In schizophrenia, several studies have demonstrated increased S100B serum concentrations in the acute stage of disease.6, 7, 8, 9 High concentrations were associated with deficit symptoms,7, 8, 9 and patients with high S100B serum levels showed slowed psychopathological improvement upon treatment.7, 8 These earlier studies provide evidence that S100B might be relevant for the pathophysiology of schizophrenia (for a review, see Rothermundt et al5). However, all previous studies were confined to the measurement of serum S100B concentrations. A concomitant investigation of CSF and serum would finally allow us to conclude whether serum S100B concentrations reliably reflect CSF and brain S100B concentrations.

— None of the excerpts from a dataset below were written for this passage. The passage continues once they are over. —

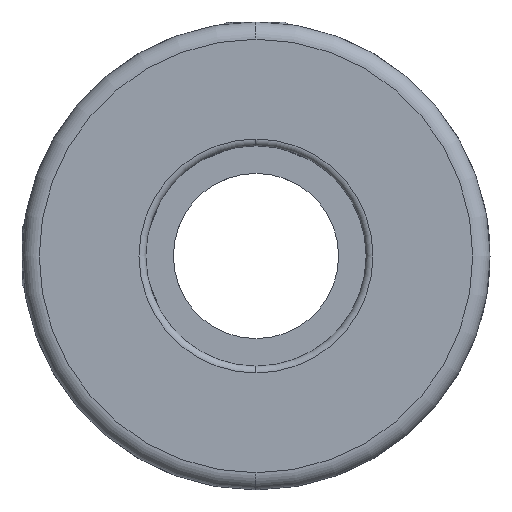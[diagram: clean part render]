
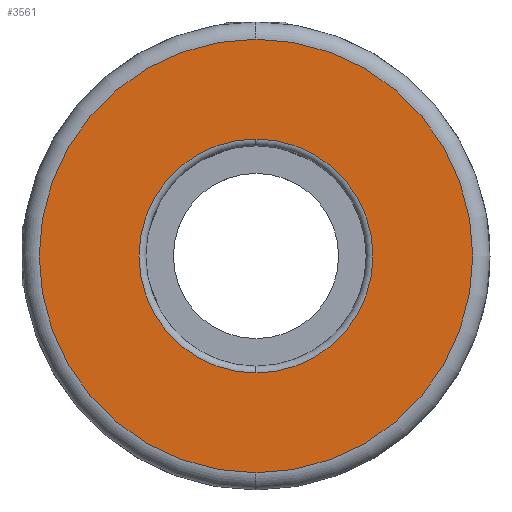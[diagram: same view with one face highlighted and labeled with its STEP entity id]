
A CAD part, left-side view. The second image highlights one B-rep face of the part: STEP entity #3561.
In plain terms, the highlighted planar face has unit normal (-1, 0, 0).
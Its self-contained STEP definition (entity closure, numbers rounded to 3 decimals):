
#30 = EDGE_CURVE ( 'NONE', #3980, #3467, #4698, .T. ) ;
#98 = AXIS2_PLACEMENT_3D ( 'NONE', #1023, #7573, #1929 ) ;
#100 = CARTESIAN_POINT ( 'NONE',  ( 0., 0., 8.5 ) ) ;
#121 = ORIENTED_EDGE ( 'NONE', *, *, #30, .T. ) ;
#397 = ORIENTED_EDGE ( 'NONE', *, *, #2397, .T. ) ;
#535 = FACE_BOUND ( 'NONE', #10827, .T. ) ;
#542 = FACE_OUTER_BOUND ( 'NONE', #9431, .T. ) ;
#662 = CARTESIAN_POINT ( 'NONE',  ( 0., 0., 0. ) ) ;
#1023 = CARTESIAN_POINT ( 'NONE',  ( 0., 0., 0. ) ) ;
#1489 = DIRECTION ( 'NONE',  ( 0., 0., -1. ) ) ;
#1833 = AXIS2_PLACEMENT_3D ( 'NONE', #662, #11067, #5272 ) ;
#1929 = DIRECTION ( 'NONE',  ( 0., 0., -1. ) ) ;
#1999 = CIRCLE ( 'NONE', #98, 15.75 ) ;
#2397 = EDGE_CURVE ( 'NONE', #7398, #2519, #1999, .T. ) ;
#2519 = VERTEX_POINT ( 'NONE', #3991 ) ;
#3274 = DIRECTION ( 'NONE',  ( 1., 0., 0. ) ) ;
#3347 = DIRECTION ( 'NONE',  ( -1., 0., 0. ) ) ;
#3467 = VERTEX_POINT ( 'NONE', #7103 ) ;
#3561 = ADVANCED_FACE ( 'NONE', ( #535, #542 ), #4305, .F. ) ;
#3980 = VERTEX_POINT ( 'NONE', #100 ) ;
#3991 = CARTESIAN_POINT ( 'NONE',  ( 0., 0., -15.75 ) ) ;
#4267 = CIRCLE ( 'NONE', #10016, 15.75 ) ;
#4305 = PLANE ( 'NONE',  #1833 ) ;
#4698 = CIRCLE ( 'NONE', #7086, 8.5 ) ;
#5030 = CARTESIAN_POINT ( 'NONE',  ( 0., 0., 0. ) ) ;
#5272 = DIRECTION ( 'NONE',  ( 0., 0., -1. ) ) ;
#6011 = DIRECTION ( 'NONE',  ( 0., 0., -1. ) ) ;
#6819 = EDGE_CURVE ( 'NONE', #3467, #3980, #9650, .T. ) ;
#7086 = AXIS2_PLACEMENT_3D ( 'NONE', #9046, #3274, #1489 ) ;
#7103 = CARTESIAN_POINT ( 'NONE',  ( 0., 0., -8.5 ) ) ;
#7398 = VERTEX_POINT ( 'NONE', #10219 ) ;
#7573 = DIRECTION ( 'NONE',  ( -1., 0., 0. ) ) ;
#8511 = AXIS2_PLACEMENT_3D ( 'NONE', #5030, #11787, #6011 ) ;
#9046 = CARTESIAN_POINT ( 'NONE',  ( 0., 0., 0. ) ) ;
#9136 = CARTESIAN_POINT ( 'NONE',  ( 0., 0., 0. ) ) ;
#9431 = EDGE_LOOP ( 'NONE', ( #10230, #397 ) ) ;
#9650 = CIRCLE ( 'NONE', #8511, 8.5 ) ;
#10016 = AXIS2_PLACEMENT_3D ( 'NONE', #9136, #3347, #10110 ) ;
#10110 = DIRECTION ( 'NONE',  ( 0., 0., -1. ) ) ;
#10131 = ORIENTED_EDGE ( 'NONE', *, *, #6819, .T. ) ;
#10219 = CARTESIAN_POINT ( 'NONE',  ( 0., 0., 15.75 ) ) ;
#10230 = ORIENTED_EDGE ( 'NONE', *, *, #11990, .T. ) ;
#10827 = EDGE_LOOP ( 'NONE', ( #10131, #121 ) ) ;
#11067 = DIRECTION ( 'NONE',  ( 1., 0., 0. ) ) ;
#11787 = DIRECTION ( 'NONE',  ( 1., 0., 0. ) ) ;
#11990 = EDGE_CURVE ( 'NONE', #2519, #7398, #4267, .T. ) ;
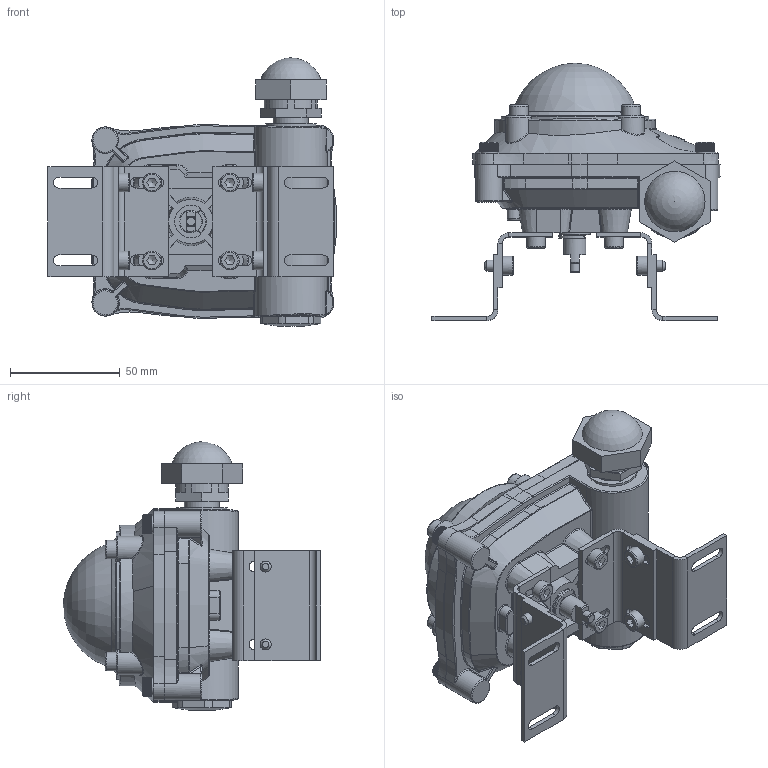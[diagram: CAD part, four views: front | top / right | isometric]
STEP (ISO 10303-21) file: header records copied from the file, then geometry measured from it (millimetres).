
FILE_DESCRIPTION(('STEP AP242'), '1');
FILE_NAME('APL-210N 岭铌 觐眦邂 恹觌囹咫彘 DN.ru', '', ('UNSPECIFIED'), ('UNSPECIFIED'), 'C3D Converter', 'C3D Toolkit', '');
FILE_SCHEMA(('AP242_MANAGED_MODEL_BASED_3D_ENGINEERING_MIM_LF { 1 0 10303 442 1 1 4 }'));
Length unit declared in the file: millimetre
Products named in the file (1): APL-210N
Bounding box: 130.95 x 117 x 121.98 mm (x, y, z)
Volume: 307825.7 mm3; surface area: 123566.7 mm2
Topology: 12 solids, 14 shells, 3068 faces, 8531 edges, 5505 vertices
Faces by surface type: plane 1631, cylinder 644, bspline 374, cone 222, torus 125, sphere 44, extrusion 28
Full cylindrical faces by diameter (mm): 3.3 x4, 4 x6, 4.2 x1, 4.3 x1, 4.4 x4, 4.7 x4, 4.8 x1, 5 x84, 7 x1, 7.8 x4, 8 x3, 8.5 x12, 8.6 x1, 9.5 x2, 9.6 x1, 10 x1, 10.5 x2, 14 x2, 14.5 x1, 16 x1, 16.5 x1, 17 x1, 19 x2, 22.9 x1, 46 x1, 58 x1, 67 x1, 68 x1
Entity records: 215957 total; most frequent: CARTESIAN_POINT 143883, ORIENTED_EDGE 16176, DIRECTION 12608, EDGE_CURVE 8088, VERTEX_POINT 5476, AXIS2_PLACEMENT_3D 4399, VECTOR 3810, LINE 3782
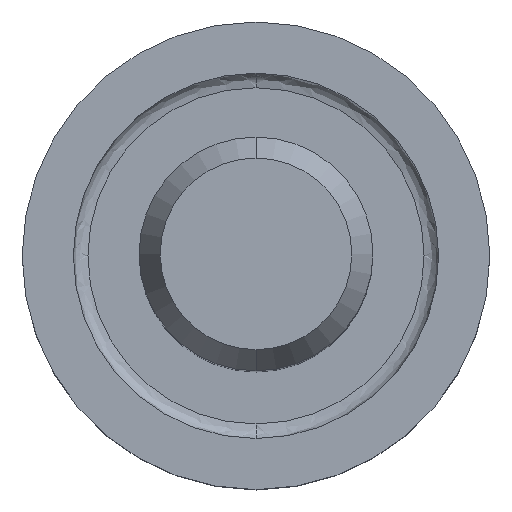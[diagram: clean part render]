
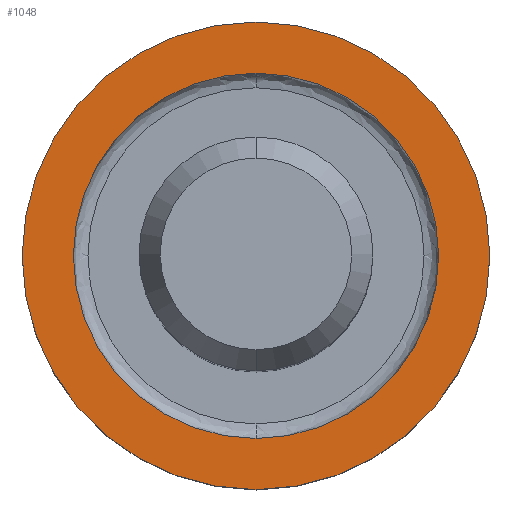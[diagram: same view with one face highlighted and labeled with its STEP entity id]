
A CAD part, top view. The second image highlights one B-rep face of the part: STEP entity #1048.
In plain terms, the highlighted free-form (B-spline) face has degree [1, 1] with [2, 2] control points.
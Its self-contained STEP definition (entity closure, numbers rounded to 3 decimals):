
#145=CARTESIAN_POINT('',(0.,0.,-76.));
#146=DIRECTION('',(0.,0.,-1.));
#147=DIRECTION('',(0.,-1.,0.));
#148=AXIS2_PLACEMENT_3D('',#145,#146,#147);
#150=CARTESIAN_POINT('',(0.,0.,-76.));
#151=DIRECTION('',(0.,0.,1.));
#152=DIRECTION('',(0.,-1.,0.));
#153=AXIS2_PLACEMENT_3D('',#150,#151,#152);
#155=CARTESIAN_POINT('',(0.,0.,-76.));
#156=DIRECTION('',(0.,0.,1.));
#157=DIRECTION('',(0.,1.,0.));
#158=AXIS2_PLACEMENT_3D('',#155,#156,#157);
#160=CARTESIAN_POINT('',(0.,0.,-76.));
#161=DIRECTION('',(0.,0.,1.));
#162=DIRECTION('',(0.,-1.,0.));
#163=AXIS2_PLACEMENT_3D('',#160,#161,#162);
#260=CARTESIAN_POINT('',(0.,16.,-76.));
#262=VERTEX_POINT('',#260);
#264=CARTESIAN_POINT('',(0.,-16.,-76.));
#266=VERTEX_POINT('',#264);
#288=CARTESIAN_POINT('',(0.,12.5,-76.));
#289=CARTESIAN_POINT('',(0.,-12.5,-76.));
#290=VERTEX_POINT('',#288);
#291=VERTEX_POINT('',#289);
#1032=CARTESIAN_POINT('',(16.64,16.64,-76.));
#1033=CARTESIAN_POINT('',(-16.64,16.64,-76.));
#1034=CARTESIAN_POINT('',(16.64,-16.64,-76.));
#1035=CARTESIAN_POINT('',(-16.64,-16.64,-76.));
#1036=B_SPLINE_SURFACE_WITH_KNOTS('',1,1,((#1032,#1033),(#1034,#1035)),
.UNSPECIFIED.,.F.,.F.,.F.,(2,2),(2,2),(-16.64,16.64),(-16.64,16.64),
.UNSPECIFIED.);
#1038=ORIENTED_EDGE('',*,*,#1037,.T.);
#1040=ORIENTED_EDGE('',*,*,#1039,.F.);
#1041=EDGE_LOOP('',(#1038,#1040));
#1042=FACE_OUTER_BOUND('',#1041,.F.);
#1043=ORIENTED_EDGE('',*,*,#1015,.T.);
#1045=ORIENTED_EDGE('',*,*,#1044,.T.);
#1046=EDGE_LOOP('',(#1043,#1045));
#1047=FACE_BOUND('',#1046,.F.);
#149=CIRCLE('',#148,16.);
#154=CIRCLE('',#153,16.);
#159=CIRCLE('',#158,12.5);
#164=CIRCLE('',#163,12.5);
#1015=EDGE_CURVE('',#290,#291,#159,.T.);
#1037=EDGE_CURVE('',#266,#262,#149,.T.);
#1039=EDGE_CURVE('',#266,#262,#154,.T.);
#1044=EDGE_CURVE('',#291,#290,#164,.T.);
#1048=ADVANCED_FACE('',(#1042,#1047),#1036,.F.);

After written informed consent according to the standards of the Declaration of Helsinki was acquired, CSF and plasma samples were taken by lumbar and venipuncture from 21 unmedicated inpatients (17 males, four females, mean age 32.5±13.0 years, 16 drug naive, five unmedicated >6 months), suffering from an acute schizophrenic episode (n=4 disorganized, n=17 paranoid subtype) and age- and sex-matched healthy controls. The control group for CSF measures (mean age 33.6±10.9 years) consisted of individuals who underwent an elective knee arthroscopy. The controls for serum measures were recruited from the blood donation service (mean age 32.2±11.8 years). All patients were diagnosed independently by two psychiatrists according to DSM-IV criteria. Systemic diseases, brain injury, comorbid psychiatric diagnoses and substance abuse were excluded. The controls had no lifetime history of any psychiatric disorder. The Positive and Negative Symptom Scale (PANSS) was used to evaluate psychopathology.

CSF and blood samples were centrifuged within 4 h, aliquoted, and frozen at −80°C until analysis. S100B concentrations were determined by applying the LIAISON Sangtec 100 assay (AB Sangtec Medical, Bromma, Sweden), a quantitative automated luminometric immunoassay, according to the manufacturer's instructions. Albumin and immunoglobulin were measured by immunonephelometry (Behring nephelometer). Owing to the equal distribution of the data, the T-test for independent variables and the Pearson Correlation Coefficient were employed for statistical evaluation as provided by the SPSS 10.0 program.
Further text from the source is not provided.